** SOURCE DATA follows **
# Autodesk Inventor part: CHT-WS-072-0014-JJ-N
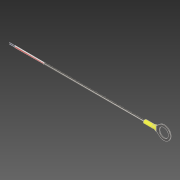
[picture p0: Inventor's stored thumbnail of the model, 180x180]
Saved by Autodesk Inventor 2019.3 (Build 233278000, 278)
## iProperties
Created: 2017-05
Part Number: CHT-WS-072-0014-JJ-N
Material: Generic
Document SubType Name: Modeling
Designer: JN
Density: 1 g/cm^3
Appearance: Steel - Polished
Author: JN
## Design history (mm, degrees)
sketch "Sketch1"
  geometry: L1 (-5.054, 7.651)-(-10.033, 3.471); L2 (-10.033, 3.471)-(-10.033, -3.536); L3 (-10.033, -3.536)-(-5.054, -7.716); L4 (-10.033, -0.032)-(11.43, -0.032); L5 (5.836, 8.965)-(5.836, -9.03); C1 r 6.985 at (1.397, -0.032); A1 r 10.033 centre (1.397, -0.032) between (-5.054, -7.716) and (-5.054, 7.651)
  constraints: 10 end point, 5 point on circle, 2 centre point, 2 tangent, 2 vertical, 1 coincident, 1 midpoint, 1 other
  dimensions: "d0" = 13.97 diameter of C1; "d1" = 20.066 diameter of A1; "d66" = 4.445 distance edge to line of C1 L2
extrude "Extrusion1" new body sketch "Sketch1" stored distance "d7" = 1.0668; taper "d8" = 0 deg
sketch "Sketch3"
  geometry: L1 (0, 0)-(-1.067, 0) reference; L2 (0, 7.007)-(0, 0) reference; L3 (0, 7.007)-(-1.067, 7.007) reference; L4 (-1.067, 0)-(-1.067, 7.007) reference; L5 (0.317, 7.324)-(-1.702, 7.324); L6 (-1.702, 7.324)-(-1.702, -0.318); L7 (-1.702, -0.318)-(0.317, -0.318); L8 (0.317, -0.318)-(0.317, 7.324); L9 (-0.692, 7.324)-(-0.692, -0.318); L10 (0.317, 3.503)-(-1.702, 3.503); 1 further point
  constraints: 12 end point, 6 parallel, 5 midpoint, 1 horizontal, 1 perpendicular
  dimensions: "d15" = 0.3175 distance between parallel lines of L2 L8; "d16" = 0.635 distance between parallel lines of L4 L6; "d17" = 0.3175 distance between parallel lines of L3 L5; "d18" = 0.3175 distance between parallel lines of L1 L7
  node "Projected Loop1"
workplane "Work Plane1"
sketch "Sketch4"
  geometry: L1 (0.317, -0.318)-(0.317, 7.324) reference; L2 (0.317, 7.324)-(-1.702, 7.324) reference; L3 (-1.702, 7.324)-(-1.702, -0.318) reference; L4 (-1.702, -0.318)-(0.317, -0.318) reference; L5 (0.317, 3.503)-(-1.702, 3.503); L6 (-0.692, 7.324)-(-0.692, -0.318); L7 (-2.337, 5.439)-(-2.337, 1.568); A1 r 2.54 centre (-0.692, 3.503) between (-2.337, 1.568) and (-2.337, 5.439); 2 further points
  constraints: 6 end point, 5 midpoint, 2 point on circle, 1 centre point, 1 coincident, 1 point on line, 1 vertical
  dimensions: "d37" = 5.08 diameter of A1; "d38" = 0.635 distance between parallel lines of L3 L7
sketch "3D Sketch1"
loft "Loft1" sketch "Sketch4", "3D Sketch1" dims "d21" = 0, "d22" = 90 deg, "d25" = 0, "d26" = 90 deg, "d39" = 0, "d40" = 90 deg
sketch "Sketch5"
  geometry: L1 (-1.645, 1.936)-(-1.645, -1.936) reference; A1 r 2.54 centre (0, 0) between (0.07, -2.539) and (0.857, 2.391) reference; A2 r 2.54 centre (0, 0) between (0.857, 2.391) and (-1.645, 1.936) reference; A3 r 2.54 centre (0, 0) between (0.857, 2.391) and (-1.645, 1.936) reference; A4 r 2.54 centre (0, 0) between (-1.645, -1.936) and (0.07, -2.539) reference; A5 r 2.54 centre (0, 0) between (0.07, -2.539) and (0.857, 2.391) reference
extrude "Extrusion3" new body sketch "Sketch5" distance "d27" = 12.7; taper "d28" = 0 deg
sketch "Sketch6" dims "d29" = 1.27, "d30" = 1.778
  geometry: L1 (0, 3.446)-(2.019, 3.446); L2 (2.54, 0)-(-1.645, 0); L3 (-1.645, 1.936)-(-1.645, -1.936) reference; A1 r 2.54 centre (0, 0) between (0.07, -2.539) and (0.857, 2.391) reference; 2 further points; 1 other entity
  constraints: 4 end point, 2 midpoint, 1 point on circle, 2 other
extrude "Extrusion4" cut sketch "Sketch6" stored distance "d32" = 12.7; taper "d33" = 0 deg
extrude "Extrusion5" new body sketch "Sketch6" distance "d34" = 152.4; taper "d35" = 0 deg
workplane "Work Plane2"
sketch "Sketch8"
  geometry: C1 r 0.635 at (0.187, 0.635) reference; C2 r 0.635 at (0.187, -0.635) reference; C3 r 0.635 at (0.187, 0.952); C4 r 0.635 at (0.187, -0.953)
  constraints: 2 centre point
  dimensions: "d43" = 1.27 diameter of C3; "d45" = 0.3175 distance of C1.centre C3.centre; "d46" = 1.27 diameter of C4; "d47" = 0.3175 distance of C2.centre C4.centre
sketch "3D Sketch2"
loft "Loft2" dims "d48" = 0, "d49" = 90 deg, "d50" = 0, "d51" = 90 deg, "d52" = 0, "d53" = 90 deg
loft "Loft3" dims "d54" = 0, "d55" = 90 deg, "d56" = 0, "d57" = 90 deg, "d58" = 0, "d59" = 90 deg
sketch "Sketch9"
  geometry: C1 r 0.381 at (0, 0)
  constraints: 1 centre point
  dimensions: "d60" = 0.762 diameter of C1
sketch "Sketch10"
  geometry: C1 r 0.381 at (0, 0)
  constraints: 1 centre point
  dimensions: "d61" = 0.762 diameter of C1
extrude "Extrusion6" join sketch "Sketch9" distance "d62" = 8.46667; taper "d63" = 0 deg
extrude "Extrusion7" join sketch "Sketch10" distance "d64" = 8.46667; taper "d65" = 0 deg
body "Solid1"
sketch "Sketch7"
  geometry: L1 (1.01, 1.395)-(1.01, -1.395) reference; L2 (-1.048, 0)-(1.492, 0); C1 r 0.635 at (0.187, 0.635); C2 r 0.635 at (0.187, -0.635); 3 further points; 3 other entities
  constraints: 4 end point, 2 centre point, 2 tangent, 2 vertical, 1 horizontal, 8 other
  dimensions: "d41" = 1.27 diameter of C1
body "Solid2"
body "Solid3"
body "Solid4"
node "Projected Loop5"
other parameters: "d3" = 14.986 (derived), "d5" = 10.49782 (derived), "d19" = 5.08, "d42" = 44.45
** End of SOURCE DATA **
WORK TASK -
State the number of lines of the preceding material in which the word "node" is found, and nothing more.

TASK OUTPUT -
2